Referring back to FIG. 3, the speech signal processed by the above circuit is the signal between B and C. Noise pulses, such as that shown at A will not be processed because it does not satisfy the requirement of six consecutive samples having a total power exceeding (350)H. In this manner the system acts to cancel or be immune to noise.
Next, description will be made for the case where the input signal involves continuous noise such as environmental (background) noise as shown in FIG. 4. In this case, the environmental noise is first received from the microphone 100 under the initial condition of the system. The noise level Po is detected by the CPU140 and the data to be set in the memories 150˜170, respectively, are changed depending upon this noise level Po. According to the above-assumed example, the amended data in the memory 150 is 350+(Po ×6), the amended data in the memory 160 is 50+Po, and the amended data in the memory 170 is 70+Po.
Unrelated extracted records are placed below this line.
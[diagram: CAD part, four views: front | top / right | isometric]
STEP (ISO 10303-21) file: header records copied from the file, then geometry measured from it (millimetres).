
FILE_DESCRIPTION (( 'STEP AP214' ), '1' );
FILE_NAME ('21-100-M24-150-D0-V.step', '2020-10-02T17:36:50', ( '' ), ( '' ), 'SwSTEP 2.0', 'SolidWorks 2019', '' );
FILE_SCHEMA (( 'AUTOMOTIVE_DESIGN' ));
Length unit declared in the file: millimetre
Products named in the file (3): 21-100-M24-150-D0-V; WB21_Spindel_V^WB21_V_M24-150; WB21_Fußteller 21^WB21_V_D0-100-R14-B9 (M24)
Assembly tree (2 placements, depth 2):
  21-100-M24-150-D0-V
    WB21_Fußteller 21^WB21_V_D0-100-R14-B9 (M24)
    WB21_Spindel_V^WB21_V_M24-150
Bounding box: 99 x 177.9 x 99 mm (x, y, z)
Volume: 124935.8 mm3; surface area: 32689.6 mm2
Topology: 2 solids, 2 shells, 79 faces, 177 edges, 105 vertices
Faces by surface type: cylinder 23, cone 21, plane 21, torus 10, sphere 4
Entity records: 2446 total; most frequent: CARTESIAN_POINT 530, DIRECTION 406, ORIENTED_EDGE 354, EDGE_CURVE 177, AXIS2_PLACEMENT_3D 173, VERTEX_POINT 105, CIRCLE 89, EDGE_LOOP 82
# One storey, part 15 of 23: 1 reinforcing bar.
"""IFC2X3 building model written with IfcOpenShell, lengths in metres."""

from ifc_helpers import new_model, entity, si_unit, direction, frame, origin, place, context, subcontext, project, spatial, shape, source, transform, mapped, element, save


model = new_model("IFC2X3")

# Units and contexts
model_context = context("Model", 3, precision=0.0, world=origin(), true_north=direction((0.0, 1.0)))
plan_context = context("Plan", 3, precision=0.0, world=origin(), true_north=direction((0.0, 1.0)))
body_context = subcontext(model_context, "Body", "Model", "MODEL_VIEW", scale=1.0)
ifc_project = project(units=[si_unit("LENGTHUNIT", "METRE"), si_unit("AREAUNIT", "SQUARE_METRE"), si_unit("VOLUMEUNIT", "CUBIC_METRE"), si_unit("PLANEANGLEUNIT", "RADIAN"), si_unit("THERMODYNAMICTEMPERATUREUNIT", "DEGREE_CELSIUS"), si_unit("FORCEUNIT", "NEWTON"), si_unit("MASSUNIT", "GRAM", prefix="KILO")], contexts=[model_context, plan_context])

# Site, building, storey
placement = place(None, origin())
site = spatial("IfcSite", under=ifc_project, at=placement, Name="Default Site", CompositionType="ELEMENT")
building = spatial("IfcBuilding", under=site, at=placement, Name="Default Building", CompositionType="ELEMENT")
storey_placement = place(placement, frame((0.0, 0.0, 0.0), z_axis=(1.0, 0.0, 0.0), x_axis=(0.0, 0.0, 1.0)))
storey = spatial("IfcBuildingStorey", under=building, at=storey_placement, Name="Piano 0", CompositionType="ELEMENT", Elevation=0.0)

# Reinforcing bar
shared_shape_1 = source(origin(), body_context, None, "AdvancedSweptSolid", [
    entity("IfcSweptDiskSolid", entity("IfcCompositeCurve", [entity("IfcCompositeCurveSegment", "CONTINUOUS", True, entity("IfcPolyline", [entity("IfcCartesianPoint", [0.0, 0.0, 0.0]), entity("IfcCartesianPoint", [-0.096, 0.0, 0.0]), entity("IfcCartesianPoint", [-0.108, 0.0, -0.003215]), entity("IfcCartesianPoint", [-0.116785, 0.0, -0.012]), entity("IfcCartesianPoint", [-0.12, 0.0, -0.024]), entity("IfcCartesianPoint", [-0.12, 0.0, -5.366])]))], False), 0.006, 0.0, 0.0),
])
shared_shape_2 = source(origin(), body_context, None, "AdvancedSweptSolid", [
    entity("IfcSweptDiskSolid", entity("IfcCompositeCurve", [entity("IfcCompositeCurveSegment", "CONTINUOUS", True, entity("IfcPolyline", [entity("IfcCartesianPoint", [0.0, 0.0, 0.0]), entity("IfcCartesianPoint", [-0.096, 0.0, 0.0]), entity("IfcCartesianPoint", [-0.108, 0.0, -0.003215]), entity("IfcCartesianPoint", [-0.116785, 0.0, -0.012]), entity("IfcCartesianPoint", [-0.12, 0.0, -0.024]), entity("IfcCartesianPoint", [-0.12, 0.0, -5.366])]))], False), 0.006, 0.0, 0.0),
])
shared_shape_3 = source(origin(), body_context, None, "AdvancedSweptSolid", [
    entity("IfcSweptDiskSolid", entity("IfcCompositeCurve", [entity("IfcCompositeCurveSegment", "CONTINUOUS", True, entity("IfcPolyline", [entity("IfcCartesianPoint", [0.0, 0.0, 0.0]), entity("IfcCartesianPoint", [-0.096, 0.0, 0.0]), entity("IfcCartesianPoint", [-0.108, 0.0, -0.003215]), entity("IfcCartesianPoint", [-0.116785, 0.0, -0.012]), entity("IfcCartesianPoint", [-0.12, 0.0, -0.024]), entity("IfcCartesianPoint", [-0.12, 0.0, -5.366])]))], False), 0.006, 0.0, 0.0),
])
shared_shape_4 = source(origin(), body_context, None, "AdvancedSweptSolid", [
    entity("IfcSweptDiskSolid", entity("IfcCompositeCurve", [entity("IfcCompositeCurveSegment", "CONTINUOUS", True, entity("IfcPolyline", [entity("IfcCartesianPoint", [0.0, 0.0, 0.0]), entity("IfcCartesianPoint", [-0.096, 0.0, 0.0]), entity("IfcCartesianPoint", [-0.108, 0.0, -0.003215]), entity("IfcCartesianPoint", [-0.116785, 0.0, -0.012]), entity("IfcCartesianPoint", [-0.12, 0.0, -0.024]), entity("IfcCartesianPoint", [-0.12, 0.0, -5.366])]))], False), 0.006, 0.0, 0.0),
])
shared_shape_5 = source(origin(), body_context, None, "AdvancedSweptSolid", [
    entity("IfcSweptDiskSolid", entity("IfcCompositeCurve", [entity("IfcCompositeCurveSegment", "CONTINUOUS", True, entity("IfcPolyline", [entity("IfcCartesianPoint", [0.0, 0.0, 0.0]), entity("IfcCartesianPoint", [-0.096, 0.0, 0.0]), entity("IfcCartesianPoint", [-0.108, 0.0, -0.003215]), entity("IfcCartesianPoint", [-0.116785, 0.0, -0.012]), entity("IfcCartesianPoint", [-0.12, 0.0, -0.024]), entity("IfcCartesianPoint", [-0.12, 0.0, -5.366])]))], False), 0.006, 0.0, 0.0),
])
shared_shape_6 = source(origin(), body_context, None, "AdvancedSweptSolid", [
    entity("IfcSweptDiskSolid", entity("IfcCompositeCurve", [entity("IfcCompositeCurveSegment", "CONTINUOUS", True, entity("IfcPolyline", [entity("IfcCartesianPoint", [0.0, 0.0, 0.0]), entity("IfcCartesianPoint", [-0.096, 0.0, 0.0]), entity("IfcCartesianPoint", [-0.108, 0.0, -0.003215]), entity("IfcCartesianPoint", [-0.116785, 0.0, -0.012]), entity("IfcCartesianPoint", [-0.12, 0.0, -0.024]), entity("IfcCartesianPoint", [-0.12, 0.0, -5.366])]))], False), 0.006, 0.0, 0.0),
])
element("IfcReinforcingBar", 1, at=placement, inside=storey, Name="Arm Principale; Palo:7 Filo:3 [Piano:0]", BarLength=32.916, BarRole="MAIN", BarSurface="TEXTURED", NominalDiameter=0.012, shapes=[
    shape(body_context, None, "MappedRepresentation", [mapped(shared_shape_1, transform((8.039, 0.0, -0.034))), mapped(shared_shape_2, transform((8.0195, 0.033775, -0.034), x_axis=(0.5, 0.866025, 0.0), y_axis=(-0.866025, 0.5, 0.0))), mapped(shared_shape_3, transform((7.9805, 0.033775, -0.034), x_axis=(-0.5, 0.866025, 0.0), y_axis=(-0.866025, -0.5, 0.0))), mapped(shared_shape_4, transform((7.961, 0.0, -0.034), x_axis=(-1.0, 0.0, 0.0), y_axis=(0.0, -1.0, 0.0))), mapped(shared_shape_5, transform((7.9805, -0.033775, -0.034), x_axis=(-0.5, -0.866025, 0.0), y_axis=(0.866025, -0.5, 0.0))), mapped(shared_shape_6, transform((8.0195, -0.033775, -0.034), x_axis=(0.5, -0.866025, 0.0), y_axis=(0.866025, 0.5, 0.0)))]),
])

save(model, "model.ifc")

After the data in the memories 150, 160 and 170 are amended, a speech signal of one word is input through the microphone 100, and a peak level in one frame of the input speech signal is regulated to an optimal value for A/D conversion. Here it is assumed that FO.sub.(H) and AO.sub.(H) have been set as upper and lower limit values, respectively, of the optimal range of the peak level. If a peak value Pp detected from the input speech signal is larger than FO.sub.(H), the data set in the memory 180 is increased by one. Whereas, if the detected peak value Pp is smaller than AO.sub.(H), the data set in the memory 180 is decreased by one. Furthermore, if the detected peak value is smaller than 80.sub.(H), the data set in the memory 180 is decreased by two. In this way, when the condition of FO.sub.(H) ≧Pp ≧AO.sub.(H) has been established, the regulation is completed.
By employing the above-described regulation, even if there is significant environmental noise, the recognition process is easily modified taking the noise into account. Accordingly, correct speech recognition can be executed under any environmental condition.